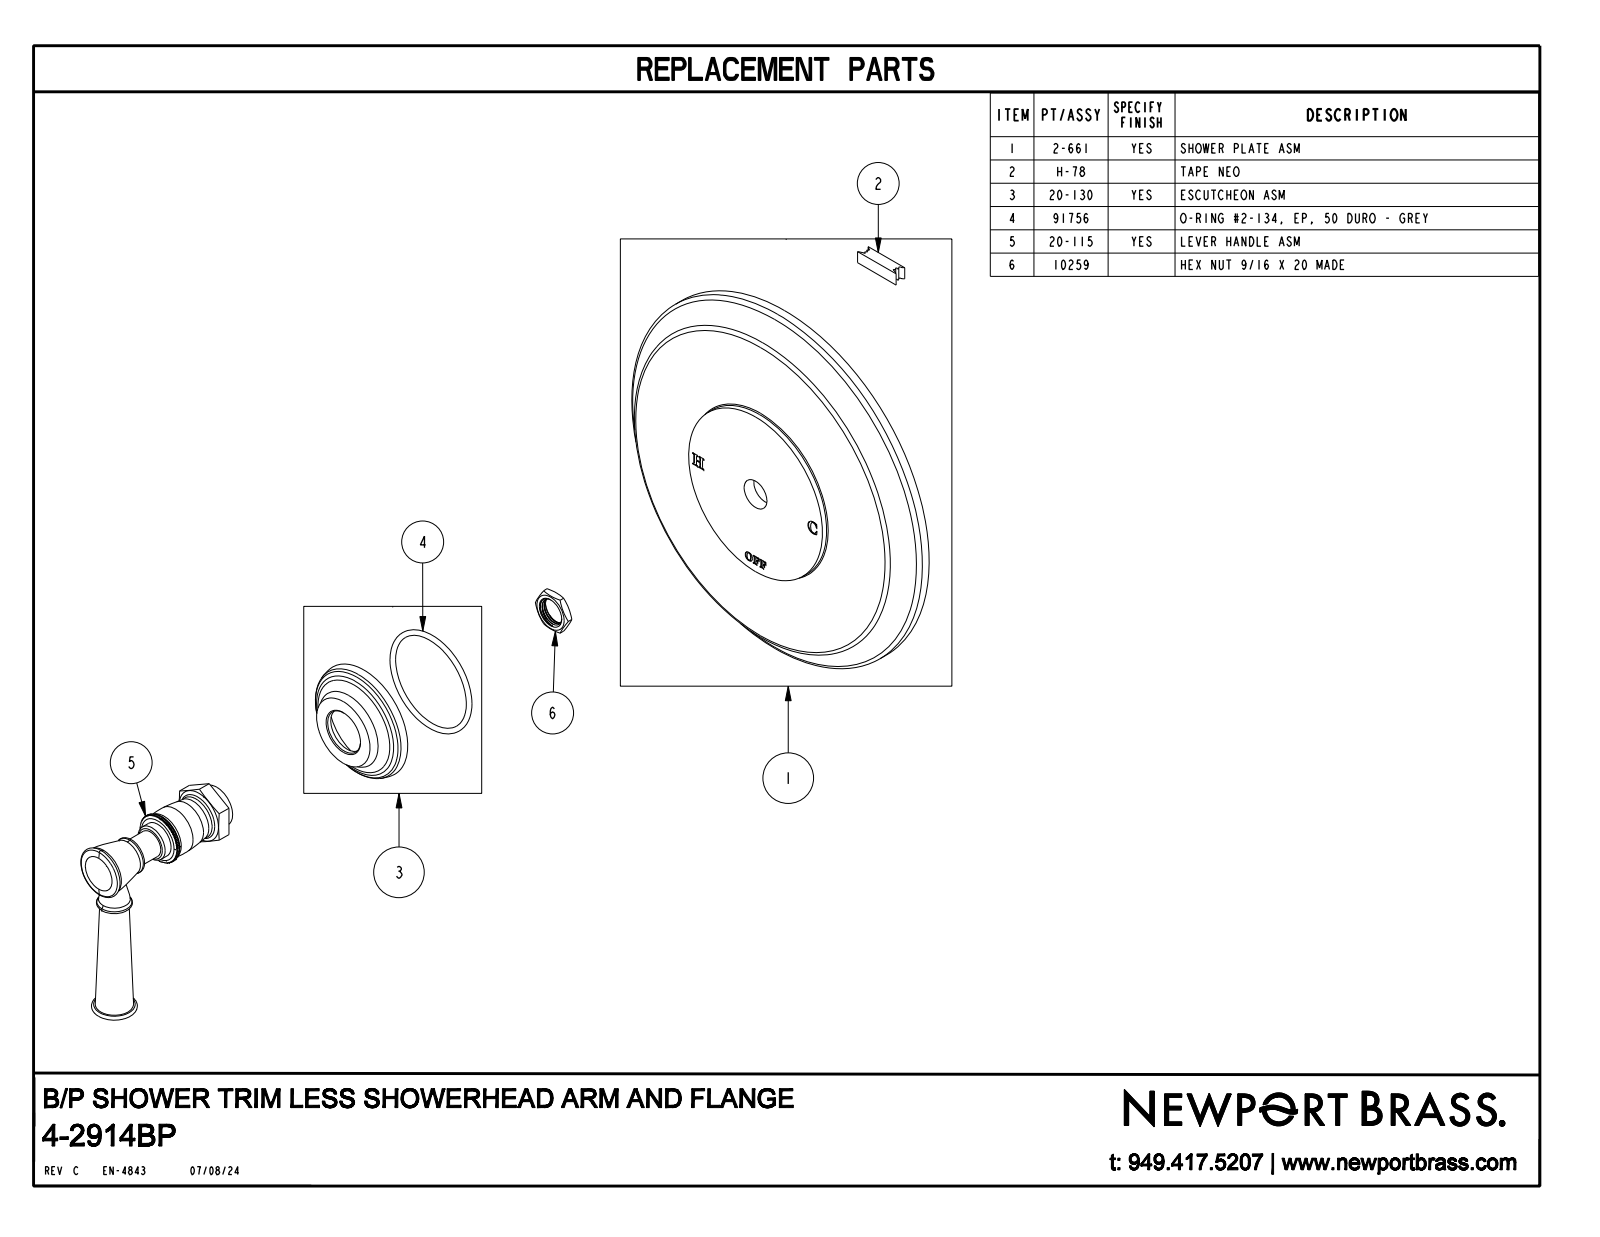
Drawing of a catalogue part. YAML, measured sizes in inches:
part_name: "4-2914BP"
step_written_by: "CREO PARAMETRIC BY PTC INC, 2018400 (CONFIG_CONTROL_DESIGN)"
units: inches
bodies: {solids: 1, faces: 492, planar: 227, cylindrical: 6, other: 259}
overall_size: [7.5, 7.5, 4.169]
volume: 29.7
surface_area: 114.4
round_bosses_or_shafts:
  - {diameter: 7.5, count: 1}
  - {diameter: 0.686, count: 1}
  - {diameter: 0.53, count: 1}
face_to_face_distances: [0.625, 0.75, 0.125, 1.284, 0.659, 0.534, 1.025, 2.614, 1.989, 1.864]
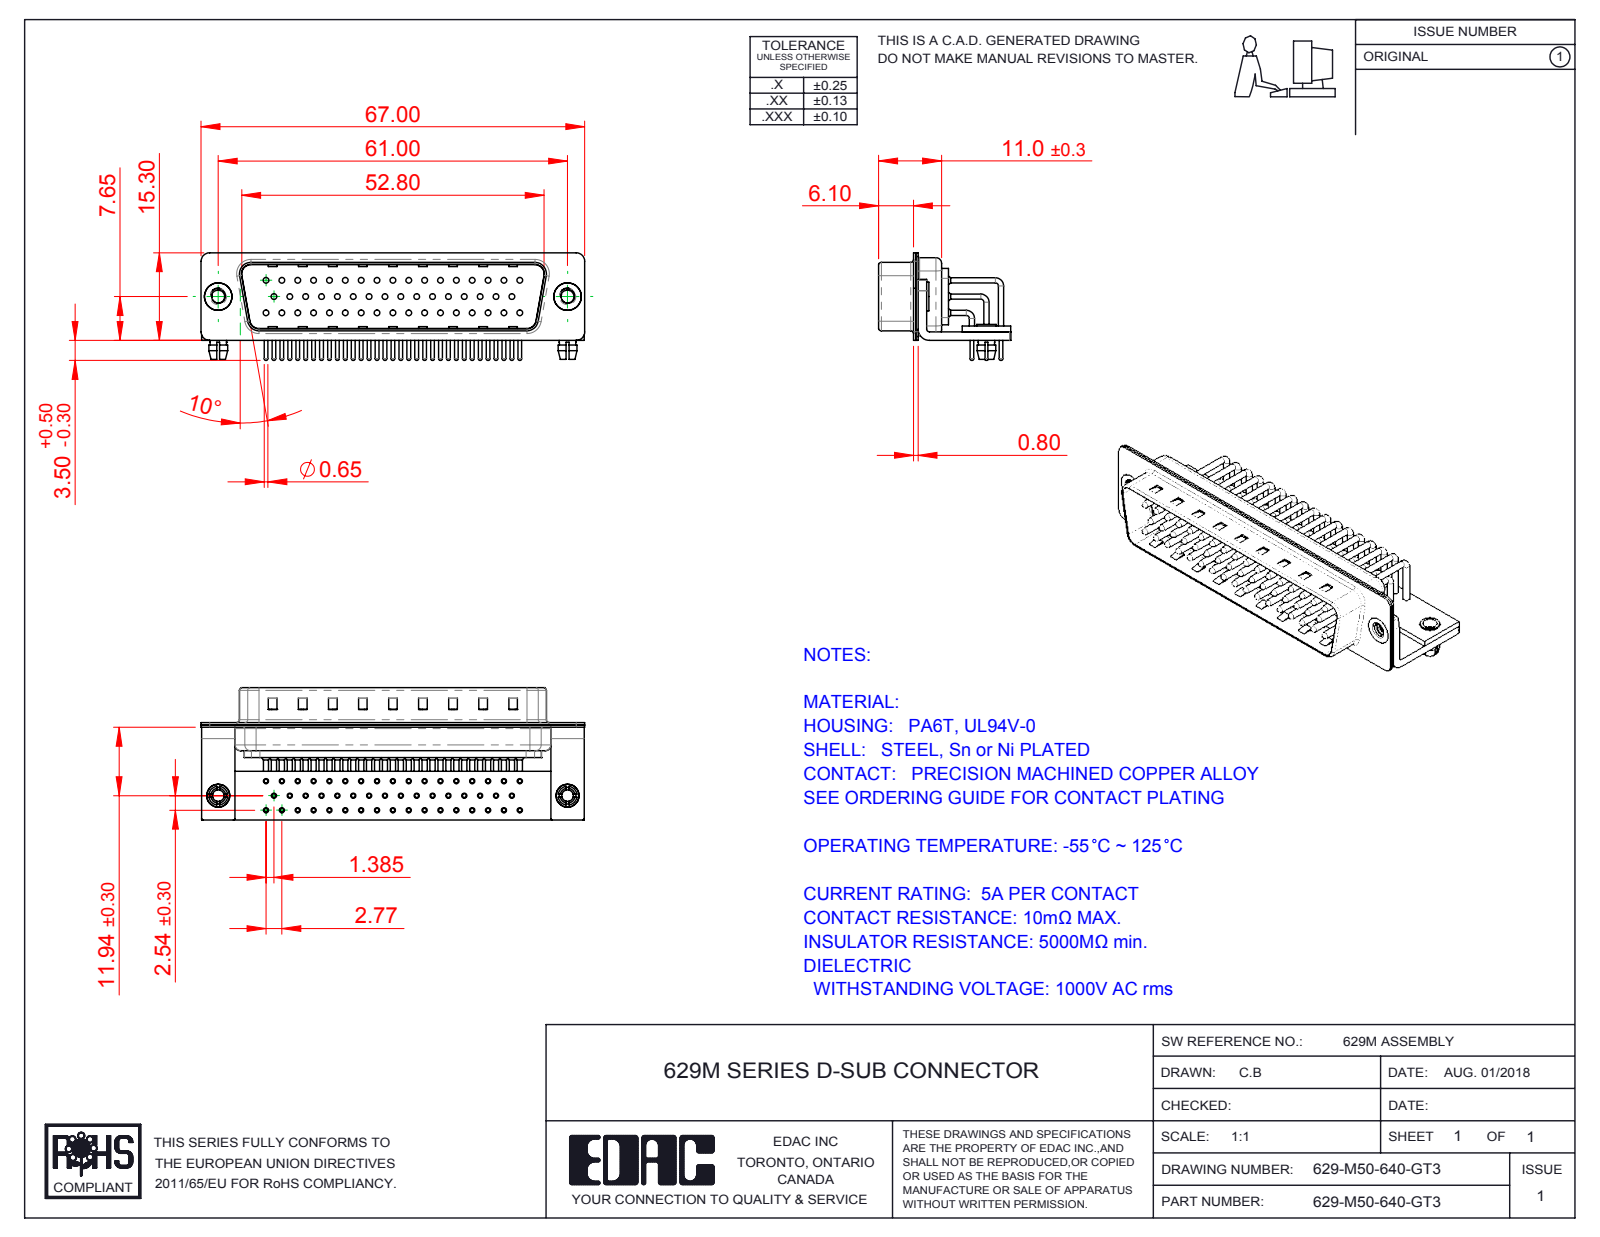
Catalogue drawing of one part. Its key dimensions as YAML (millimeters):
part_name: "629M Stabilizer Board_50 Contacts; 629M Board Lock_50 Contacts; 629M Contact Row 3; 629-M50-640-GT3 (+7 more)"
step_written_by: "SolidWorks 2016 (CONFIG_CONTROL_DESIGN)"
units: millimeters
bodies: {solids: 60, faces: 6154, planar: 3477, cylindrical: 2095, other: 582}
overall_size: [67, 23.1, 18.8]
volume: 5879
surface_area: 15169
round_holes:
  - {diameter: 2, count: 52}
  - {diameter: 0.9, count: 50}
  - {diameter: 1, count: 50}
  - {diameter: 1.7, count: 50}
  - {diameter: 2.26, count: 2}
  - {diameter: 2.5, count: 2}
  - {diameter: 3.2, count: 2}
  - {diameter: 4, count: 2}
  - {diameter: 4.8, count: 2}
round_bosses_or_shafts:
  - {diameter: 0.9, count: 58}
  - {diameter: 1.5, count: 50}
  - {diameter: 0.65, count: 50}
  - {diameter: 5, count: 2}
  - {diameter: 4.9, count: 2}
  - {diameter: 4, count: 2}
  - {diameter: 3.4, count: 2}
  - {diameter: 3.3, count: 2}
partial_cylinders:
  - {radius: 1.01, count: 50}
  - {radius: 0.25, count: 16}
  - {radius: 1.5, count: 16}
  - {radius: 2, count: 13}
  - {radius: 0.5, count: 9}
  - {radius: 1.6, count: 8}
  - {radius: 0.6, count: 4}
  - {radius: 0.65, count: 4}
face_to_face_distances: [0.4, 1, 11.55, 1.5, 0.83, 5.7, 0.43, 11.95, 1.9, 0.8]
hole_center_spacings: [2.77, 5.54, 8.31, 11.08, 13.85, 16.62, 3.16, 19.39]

→ Exercise directions:
Scan the material above for the string "inches" and return the lines that hold it.

→ Task solution:
Drawing of a catalogue part. YAML, measured sizes in inches:
units: inches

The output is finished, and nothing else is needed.